- PROBLEM REQUIREMENTS: Your answer should be only the lines below from the one with "## Design history (mm, degrees)" to the one with "18 diameter of C1", repeated exactly, ends included.
********
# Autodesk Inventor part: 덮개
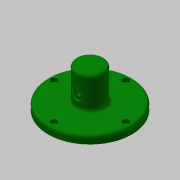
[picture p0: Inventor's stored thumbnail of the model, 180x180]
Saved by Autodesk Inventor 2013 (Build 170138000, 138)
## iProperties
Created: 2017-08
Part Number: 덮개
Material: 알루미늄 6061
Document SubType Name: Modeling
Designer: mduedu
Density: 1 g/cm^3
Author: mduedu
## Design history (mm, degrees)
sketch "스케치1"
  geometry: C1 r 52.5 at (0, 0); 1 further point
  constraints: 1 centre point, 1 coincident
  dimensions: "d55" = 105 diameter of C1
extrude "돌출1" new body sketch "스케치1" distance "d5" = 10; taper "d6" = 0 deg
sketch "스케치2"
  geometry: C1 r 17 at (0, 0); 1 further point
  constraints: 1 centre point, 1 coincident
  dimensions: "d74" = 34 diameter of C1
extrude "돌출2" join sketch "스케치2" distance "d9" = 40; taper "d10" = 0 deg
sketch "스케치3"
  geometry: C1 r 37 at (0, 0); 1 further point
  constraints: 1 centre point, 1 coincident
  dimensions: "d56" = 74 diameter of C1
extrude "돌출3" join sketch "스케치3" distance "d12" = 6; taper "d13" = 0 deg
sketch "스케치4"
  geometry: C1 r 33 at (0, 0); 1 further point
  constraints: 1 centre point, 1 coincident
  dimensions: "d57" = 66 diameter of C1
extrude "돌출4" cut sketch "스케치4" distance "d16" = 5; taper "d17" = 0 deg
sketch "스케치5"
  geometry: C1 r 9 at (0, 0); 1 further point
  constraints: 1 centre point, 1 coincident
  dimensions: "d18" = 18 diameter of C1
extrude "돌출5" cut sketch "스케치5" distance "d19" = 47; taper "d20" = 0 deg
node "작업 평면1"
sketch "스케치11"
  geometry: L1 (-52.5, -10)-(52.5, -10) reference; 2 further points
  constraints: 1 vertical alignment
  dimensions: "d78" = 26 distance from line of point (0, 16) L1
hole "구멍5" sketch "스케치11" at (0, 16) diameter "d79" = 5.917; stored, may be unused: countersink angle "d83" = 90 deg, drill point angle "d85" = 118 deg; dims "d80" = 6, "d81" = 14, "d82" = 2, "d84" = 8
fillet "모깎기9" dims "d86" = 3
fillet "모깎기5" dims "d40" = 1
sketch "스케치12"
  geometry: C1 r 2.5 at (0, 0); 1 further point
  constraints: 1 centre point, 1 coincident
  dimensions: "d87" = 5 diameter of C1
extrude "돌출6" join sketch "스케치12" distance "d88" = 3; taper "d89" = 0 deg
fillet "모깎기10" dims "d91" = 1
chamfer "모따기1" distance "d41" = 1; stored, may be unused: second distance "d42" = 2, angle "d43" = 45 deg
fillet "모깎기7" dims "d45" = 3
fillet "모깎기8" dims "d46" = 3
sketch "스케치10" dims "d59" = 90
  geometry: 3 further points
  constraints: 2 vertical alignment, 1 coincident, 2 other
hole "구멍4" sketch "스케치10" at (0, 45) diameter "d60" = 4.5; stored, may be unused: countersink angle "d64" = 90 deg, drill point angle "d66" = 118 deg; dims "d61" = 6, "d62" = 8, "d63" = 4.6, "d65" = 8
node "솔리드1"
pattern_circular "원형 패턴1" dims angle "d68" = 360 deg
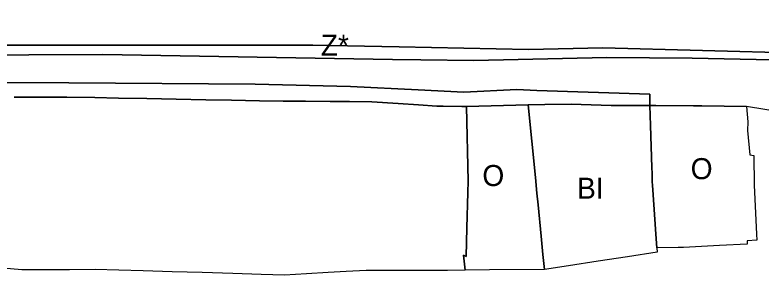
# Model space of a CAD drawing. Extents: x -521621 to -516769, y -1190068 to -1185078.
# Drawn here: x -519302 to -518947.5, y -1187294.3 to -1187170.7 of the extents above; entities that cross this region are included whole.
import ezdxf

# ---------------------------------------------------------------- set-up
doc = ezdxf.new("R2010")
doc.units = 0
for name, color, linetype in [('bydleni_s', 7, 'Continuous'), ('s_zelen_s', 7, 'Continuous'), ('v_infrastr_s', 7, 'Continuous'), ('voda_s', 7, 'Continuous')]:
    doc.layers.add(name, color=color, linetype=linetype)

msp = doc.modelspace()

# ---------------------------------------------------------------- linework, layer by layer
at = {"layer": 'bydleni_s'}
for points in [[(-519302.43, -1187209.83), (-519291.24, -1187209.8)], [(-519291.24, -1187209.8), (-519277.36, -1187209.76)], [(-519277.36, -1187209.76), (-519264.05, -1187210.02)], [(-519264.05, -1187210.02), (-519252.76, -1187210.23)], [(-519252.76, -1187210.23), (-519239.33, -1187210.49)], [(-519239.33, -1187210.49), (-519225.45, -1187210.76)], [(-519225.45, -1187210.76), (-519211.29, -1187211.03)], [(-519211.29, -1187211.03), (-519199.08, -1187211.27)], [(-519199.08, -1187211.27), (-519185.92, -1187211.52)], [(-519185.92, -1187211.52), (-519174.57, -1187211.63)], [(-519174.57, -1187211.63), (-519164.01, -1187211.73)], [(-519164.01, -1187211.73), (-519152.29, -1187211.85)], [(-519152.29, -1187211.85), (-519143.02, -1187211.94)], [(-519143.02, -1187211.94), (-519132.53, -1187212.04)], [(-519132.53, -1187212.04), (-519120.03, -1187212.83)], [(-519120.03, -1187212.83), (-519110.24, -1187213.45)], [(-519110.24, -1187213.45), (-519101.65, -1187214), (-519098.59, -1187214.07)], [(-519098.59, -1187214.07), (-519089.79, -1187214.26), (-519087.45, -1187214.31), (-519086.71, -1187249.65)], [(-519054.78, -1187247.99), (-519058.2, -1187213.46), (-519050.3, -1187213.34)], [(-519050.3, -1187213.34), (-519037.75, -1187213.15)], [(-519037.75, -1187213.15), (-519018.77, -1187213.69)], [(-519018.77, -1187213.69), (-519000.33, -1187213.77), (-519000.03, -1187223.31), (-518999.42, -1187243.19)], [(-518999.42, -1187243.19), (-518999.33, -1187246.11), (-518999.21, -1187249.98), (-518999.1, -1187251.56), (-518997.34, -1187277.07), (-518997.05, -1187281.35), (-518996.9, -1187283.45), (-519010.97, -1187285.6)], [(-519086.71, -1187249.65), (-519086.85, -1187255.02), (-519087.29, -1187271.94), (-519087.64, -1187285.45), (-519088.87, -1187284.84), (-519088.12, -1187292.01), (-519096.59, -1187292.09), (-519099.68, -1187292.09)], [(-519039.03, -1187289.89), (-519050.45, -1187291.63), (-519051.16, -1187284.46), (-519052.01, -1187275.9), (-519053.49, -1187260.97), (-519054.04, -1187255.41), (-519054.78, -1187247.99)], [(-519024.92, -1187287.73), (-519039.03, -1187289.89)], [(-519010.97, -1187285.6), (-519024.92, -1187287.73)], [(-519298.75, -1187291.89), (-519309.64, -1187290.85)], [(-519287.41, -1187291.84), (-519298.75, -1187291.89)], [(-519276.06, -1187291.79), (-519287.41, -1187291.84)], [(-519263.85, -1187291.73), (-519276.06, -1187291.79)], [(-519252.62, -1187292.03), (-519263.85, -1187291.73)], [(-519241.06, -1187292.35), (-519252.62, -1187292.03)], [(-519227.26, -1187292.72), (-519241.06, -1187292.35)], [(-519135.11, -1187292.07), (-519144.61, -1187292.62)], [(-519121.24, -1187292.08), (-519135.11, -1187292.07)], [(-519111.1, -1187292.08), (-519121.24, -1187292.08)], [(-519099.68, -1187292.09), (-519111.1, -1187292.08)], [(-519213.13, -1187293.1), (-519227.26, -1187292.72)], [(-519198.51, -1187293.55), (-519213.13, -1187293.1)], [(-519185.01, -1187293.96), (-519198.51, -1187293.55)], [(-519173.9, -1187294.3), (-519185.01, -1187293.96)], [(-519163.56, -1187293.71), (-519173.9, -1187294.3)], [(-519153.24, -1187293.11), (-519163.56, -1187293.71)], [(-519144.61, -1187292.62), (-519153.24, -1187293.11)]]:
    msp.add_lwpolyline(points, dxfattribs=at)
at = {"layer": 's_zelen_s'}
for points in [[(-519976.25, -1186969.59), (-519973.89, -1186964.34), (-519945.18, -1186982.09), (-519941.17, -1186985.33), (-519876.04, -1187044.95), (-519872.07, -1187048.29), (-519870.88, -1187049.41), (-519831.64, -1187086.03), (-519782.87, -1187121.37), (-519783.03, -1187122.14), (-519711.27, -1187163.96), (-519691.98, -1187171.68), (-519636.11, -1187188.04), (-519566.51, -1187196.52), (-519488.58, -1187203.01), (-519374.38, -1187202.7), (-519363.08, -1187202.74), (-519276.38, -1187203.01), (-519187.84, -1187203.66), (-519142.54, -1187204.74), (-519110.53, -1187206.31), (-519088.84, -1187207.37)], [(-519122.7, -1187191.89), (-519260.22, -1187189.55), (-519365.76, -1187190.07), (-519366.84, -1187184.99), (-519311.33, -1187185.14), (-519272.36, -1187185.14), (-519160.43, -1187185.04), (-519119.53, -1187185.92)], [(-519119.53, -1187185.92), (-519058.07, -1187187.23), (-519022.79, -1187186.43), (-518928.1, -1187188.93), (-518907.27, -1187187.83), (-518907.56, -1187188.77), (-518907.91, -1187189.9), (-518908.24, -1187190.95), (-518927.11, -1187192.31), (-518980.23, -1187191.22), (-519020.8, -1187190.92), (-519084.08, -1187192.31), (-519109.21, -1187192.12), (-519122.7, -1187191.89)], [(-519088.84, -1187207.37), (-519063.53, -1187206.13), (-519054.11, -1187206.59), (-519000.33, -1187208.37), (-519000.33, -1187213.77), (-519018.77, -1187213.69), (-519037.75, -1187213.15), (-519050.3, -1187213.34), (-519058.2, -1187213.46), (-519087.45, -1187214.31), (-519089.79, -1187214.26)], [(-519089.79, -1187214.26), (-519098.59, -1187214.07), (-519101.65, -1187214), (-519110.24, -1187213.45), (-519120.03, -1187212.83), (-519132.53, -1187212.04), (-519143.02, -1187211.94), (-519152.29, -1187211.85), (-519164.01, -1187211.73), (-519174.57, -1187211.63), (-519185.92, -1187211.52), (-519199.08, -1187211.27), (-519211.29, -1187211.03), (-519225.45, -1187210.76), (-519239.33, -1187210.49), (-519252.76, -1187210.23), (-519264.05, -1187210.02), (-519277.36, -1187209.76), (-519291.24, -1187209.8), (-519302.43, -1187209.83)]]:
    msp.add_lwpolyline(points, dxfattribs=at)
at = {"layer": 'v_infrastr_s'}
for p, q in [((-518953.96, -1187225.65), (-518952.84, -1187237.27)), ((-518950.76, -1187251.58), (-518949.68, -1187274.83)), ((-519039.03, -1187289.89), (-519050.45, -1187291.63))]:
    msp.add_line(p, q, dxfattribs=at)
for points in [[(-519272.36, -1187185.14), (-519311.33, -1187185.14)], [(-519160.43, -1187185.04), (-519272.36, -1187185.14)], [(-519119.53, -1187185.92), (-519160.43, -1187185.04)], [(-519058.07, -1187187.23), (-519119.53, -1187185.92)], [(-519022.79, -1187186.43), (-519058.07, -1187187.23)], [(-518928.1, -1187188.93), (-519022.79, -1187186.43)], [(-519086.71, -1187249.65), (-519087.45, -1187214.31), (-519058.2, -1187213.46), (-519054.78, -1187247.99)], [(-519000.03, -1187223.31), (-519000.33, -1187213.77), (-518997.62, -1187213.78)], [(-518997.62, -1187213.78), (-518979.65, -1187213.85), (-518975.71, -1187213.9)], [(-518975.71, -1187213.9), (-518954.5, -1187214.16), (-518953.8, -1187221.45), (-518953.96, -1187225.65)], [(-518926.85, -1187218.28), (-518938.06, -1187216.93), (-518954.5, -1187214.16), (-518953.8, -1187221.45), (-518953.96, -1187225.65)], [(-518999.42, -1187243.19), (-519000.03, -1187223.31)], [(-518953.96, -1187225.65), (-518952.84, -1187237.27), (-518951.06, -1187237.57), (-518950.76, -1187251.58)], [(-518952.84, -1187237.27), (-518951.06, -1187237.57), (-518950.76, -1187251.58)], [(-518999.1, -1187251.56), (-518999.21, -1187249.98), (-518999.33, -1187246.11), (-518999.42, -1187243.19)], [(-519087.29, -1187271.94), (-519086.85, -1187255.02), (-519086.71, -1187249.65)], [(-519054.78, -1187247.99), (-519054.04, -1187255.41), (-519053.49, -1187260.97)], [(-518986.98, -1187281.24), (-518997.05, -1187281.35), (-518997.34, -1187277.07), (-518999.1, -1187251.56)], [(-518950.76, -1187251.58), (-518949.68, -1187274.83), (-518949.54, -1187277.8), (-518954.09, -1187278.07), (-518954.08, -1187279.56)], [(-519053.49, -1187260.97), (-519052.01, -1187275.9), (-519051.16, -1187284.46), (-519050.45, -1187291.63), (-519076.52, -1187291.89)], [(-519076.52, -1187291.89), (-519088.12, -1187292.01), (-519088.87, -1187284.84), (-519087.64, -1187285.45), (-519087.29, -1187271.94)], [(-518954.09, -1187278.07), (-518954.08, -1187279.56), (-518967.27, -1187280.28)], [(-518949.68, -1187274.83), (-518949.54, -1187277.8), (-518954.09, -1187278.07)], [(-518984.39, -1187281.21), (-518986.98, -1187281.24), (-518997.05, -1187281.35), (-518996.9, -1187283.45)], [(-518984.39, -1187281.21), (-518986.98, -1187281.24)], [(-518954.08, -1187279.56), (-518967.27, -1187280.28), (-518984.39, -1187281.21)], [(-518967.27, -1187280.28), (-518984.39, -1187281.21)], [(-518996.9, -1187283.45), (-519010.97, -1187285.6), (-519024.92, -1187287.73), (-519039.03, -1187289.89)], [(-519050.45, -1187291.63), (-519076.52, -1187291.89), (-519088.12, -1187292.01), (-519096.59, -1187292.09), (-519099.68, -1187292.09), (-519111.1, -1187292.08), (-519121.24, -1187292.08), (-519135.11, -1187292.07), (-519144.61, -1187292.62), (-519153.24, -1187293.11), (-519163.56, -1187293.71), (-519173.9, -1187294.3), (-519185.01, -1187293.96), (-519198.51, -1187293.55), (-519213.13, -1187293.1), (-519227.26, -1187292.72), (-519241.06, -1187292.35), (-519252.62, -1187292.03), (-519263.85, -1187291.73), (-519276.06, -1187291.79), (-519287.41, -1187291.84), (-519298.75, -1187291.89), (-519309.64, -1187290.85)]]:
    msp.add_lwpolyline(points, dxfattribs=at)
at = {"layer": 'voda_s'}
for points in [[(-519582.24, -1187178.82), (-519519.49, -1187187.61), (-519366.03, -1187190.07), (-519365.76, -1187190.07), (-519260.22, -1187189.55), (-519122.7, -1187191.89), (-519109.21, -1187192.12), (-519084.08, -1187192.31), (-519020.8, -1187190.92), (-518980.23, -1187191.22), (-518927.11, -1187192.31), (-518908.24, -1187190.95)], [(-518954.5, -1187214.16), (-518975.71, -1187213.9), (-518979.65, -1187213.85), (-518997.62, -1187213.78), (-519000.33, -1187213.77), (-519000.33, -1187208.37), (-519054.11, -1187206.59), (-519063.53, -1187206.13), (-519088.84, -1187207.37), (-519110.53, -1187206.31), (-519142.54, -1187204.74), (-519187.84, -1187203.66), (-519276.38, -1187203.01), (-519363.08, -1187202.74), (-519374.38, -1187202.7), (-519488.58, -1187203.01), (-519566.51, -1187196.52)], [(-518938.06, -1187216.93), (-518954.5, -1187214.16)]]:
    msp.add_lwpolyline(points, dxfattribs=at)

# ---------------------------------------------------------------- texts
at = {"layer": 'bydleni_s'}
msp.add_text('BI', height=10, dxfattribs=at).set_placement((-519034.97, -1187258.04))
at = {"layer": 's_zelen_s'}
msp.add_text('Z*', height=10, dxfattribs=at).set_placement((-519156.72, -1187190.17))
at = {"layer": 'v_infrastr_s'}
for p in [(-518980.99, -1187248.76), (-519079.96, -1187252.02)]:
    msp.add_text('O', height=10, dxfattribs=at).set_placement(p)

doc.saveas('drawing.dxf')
********
- WRITTEN SOLUTION:
## Design history (mm, degrees)
sketch "스케치1"
  geometry: C1 r 52.5 at (0, 0); 1 further point
  constraints: 1 centre point, 1 coincident
  dimensions: "d55" = 105 diameter of C1
extrude "돌출1" new body sketch "스케치1" distance "d5" = 10; taper "d6" = 0 deg
sketch "스케치2"
  geometry: C1 r 17 at (0, 0); 1 further point
  constraints: 1 centre point, 1 coincident
  dimensions: "d74" = 34 diameter of C1
extrude "돌출2" join sketch "스케치2" distance "d9" = 40; taper "d10" = 0 deg
sketch "스케치3"
  geometry: C1 r 37 at (0, 0); 1 further point
  constraints: 1 centre point, 1 coincident
  dimensions: "d56" = 74 diameter of C1
extrude "돌출3" join sketch "스케치3" distance "d12" = 6; taper "d13" = 0 deg
sketch "스케치4"
  geometry: C1 r 33 at (0, 0); 1 further point
  constraints: 1 centre point, 1 coincident
  dimensions: "d57" = 66 diameter of C1
extrude "돌출4" cut sketch "스케치4" distance "d16" = 5; taper "d17" = 0 deg
sketch "스케치5"
  geometry: C1 r 9 at (0, 0); 1 further point
  constraints: 1 centre point, 1 coincident
  dimensions: "d18" = 18 diameter of C1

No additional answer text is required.